What this task involves = Lines holding the string "BEARING" are the ones to copy; find them all in the data.

Items from a dataset

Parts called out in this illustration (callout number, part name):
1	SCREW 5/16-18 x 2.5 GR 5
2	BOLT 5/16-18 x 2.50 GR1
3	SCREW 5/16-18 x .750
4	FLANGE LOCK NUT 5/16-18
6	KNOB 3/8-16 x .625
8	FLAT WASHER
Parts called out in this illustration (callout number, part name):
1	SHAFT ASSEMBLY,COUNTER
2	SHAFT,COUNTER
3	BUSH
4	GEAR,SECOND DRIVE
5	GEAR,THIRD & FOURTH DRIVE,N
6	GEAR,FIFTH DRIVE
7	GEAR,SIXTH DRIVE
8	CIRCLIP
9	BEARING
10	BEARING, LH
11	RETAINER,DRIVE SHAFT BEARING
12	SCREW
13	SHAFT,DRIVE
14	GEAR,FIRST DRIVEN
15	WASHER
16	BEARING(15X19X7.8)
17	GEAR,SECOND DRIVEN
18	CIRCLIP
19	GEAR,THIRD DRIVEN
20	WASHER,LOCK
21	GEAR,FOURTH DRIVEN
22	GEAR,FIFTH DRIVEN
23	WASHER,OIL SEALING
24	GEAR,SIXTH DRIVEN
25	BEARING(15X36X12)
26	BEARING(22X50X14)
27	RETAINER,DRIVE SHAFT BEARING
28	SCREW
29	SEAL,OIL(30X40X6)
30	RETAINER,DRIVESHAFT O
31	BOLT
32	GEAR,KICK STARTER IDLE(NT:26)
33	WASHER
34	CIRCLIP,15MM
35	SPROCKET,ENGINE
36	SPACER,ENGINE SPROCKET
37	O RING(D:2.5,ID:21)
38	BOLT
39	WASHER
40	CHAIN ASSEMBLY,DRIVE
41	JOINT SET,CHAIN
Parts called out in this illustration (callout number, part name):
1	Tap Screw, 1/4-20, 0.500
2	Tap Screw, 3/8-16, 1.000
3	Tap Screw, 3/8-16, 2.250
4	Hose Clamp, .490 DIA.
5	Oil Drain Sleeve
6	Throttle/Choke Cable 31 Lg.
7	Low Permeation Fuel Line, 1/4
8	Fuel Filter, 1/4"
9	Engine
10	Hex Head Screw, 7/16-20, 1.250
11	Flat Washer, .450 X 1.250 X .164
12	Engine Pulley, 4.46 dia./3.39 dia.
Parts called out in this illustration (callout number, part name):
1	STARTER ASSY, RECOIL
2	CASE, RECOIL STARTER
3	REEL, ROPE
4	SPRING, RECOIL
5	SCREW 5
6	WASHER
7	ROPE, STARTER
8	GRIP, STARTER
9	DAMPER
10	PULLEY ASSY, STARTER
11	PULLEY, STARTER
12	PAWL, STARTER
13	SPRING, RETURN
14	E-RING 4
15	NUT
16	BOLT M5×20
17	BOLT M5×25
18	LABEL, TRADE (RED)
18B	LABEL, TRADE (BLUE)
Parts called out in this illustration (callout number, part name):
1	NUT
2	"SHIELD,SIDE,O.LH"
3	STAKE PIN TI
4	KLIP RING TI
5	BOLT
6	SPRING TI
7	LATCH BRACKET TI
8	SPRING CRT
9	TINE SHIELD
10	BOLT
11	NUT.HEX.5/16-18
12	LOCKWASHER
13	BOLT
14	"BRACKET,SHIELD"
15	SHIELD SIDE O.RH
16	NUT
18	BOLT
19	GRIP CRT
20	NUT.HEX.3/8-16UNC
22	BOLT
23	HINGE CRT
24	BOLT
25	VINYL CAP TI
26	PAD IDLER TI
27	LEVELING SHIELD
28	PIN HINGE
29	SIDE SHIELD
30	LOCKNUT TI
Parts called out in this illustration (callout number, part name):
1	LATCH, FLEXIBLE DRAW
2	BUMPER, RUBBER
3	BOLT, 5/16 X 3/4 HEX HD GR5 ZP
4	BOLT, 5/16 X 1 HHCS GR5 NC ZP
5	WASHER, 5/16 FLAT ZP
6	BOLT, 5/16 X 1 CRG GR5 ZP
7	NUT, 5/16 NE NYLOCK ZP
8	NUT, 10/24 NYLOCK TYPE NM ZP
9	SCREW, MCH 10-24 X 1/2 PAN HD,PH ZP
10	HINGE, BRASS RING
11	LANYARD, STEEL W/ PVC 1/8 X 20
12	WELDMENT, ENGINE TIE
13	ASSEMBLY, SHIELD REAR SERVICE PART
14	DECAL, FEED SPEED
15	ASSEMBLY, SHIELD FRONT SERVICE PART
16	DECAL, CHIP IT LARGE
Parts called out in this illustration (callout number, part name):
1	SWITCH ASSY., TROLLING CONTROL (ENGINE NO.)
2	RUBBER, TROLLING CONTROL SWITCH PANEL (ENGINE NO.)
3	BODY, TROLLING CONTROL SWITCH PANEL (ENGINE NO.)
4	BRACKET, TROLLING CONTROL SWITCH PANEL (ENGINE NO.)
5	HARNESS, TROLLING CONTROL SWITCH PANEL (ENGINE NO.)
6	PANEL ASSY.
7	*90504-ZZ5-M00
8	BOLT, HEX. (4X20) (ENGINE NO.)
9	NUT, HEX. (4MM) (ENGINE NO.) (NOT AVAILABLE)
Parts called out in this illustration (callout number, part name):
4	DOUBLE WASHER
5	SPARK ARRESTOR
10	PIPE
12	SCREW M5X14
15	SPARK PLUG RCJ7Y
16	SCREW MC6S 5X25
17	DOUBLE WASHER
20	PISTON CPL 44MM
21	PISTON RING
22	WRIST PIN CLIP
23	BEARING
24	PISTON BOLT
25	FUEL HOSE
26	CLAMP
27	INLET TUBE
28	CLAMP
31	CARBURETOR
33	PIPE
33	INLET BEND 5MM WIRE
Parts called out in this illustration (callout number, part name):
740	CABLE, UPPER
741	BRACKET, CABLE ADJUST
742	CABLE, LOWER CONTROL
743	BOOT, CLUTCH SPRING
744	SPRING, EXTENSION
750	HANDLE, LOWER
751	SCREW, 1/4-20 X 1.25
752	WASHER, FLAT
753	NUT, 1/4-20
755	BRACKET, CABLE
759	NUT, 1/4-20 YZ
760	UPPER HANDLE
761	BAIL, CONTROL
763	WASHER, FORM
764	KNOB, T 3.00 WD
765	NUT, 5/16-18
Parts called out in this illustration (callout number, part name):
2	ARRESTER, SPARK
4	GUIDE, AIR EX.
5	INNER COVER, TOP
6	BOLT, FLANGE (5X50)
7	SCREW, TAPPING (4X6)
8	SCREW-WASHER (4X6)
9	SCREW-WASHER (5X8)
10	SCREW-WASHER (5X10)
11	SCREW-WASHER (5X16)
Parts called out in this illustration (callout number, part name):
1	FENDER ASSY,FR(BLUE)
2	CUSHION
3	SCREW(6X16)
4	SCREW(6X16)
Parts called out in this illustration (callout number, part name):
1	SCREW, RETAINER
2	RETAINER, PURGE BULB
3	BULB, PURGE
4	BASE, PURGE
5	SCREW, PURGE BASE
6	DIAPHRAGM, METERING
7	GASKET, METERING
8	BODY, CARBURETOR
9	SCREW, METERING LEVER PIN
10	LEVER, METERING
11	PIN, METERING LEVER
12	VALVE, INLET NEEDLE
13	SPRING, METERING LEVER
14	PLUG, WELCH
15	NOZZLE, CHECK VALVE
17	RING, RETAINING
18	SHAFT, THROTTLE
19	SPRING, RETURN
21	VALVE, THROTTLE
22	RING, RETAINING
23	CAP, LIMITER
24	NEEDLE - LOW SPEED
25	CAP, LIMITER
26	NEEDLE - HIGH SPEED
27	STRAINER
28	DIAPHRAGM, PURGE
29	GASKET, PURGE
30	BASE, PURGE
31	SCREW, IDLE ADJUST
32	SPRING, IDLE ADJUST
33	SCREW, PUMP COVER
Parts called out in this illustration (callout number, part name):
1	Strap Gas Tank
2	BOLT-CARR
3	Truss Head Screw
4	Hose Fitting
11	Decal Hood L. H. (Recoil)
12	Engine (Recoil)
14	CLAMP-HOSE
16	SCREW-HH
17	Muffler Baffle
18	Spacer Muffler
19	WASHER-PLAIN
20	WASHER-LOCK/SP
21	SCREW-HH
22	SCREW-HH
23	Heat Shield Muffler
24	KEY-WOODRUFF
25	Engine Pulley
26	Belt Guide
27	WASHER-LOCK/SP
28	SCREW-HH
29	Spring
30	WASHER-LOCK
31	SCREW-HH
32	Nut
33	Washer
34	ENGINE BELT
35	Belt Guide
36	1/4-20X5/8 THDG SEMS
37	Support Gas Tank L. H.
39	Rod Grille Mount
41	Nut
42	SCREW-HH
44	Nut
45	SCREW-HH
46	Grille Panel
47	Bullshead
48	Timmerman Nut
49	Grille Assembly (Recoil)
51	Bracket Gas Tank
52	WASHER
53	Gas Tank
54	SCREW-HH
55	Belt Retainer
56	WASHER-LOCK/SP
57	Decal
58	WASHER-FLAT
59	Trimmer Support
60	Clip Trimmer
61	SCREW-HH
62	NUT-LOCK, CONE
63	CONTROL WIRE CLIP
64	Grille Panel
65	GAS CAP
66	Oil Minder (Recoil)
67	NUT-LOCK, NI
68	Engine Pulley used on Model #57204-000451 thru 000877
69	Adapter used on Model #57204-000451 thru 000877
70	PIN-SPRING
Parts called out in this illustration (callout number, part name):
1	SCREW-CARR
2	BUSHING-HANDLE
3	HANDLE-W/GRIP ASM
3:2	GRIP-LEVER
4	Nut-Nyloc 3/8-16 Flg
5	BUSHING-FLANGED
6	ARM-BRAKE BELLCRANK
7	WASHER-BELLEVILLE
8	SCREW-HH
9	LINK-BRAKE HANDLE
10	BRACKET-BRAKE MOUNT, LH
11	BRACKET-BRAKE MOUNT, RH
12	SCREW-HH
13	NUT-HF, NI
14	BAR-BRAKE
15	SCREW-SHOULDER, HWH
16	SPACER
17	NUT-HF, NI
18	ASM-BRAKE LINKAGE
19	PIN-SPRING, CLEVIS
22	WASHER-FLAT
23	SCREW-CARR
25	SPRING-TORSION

Result =
9	BEARING
10	BEARING, LH
11	RETAINER,DRIVE SHAFT BEARING
16	BEARING(15X19X7.8)
25	BEARING(15X36X12)
26	BEARING(22X50X14)
27	RETAINER,DRIVE SHAFT BEARING
23	BEARING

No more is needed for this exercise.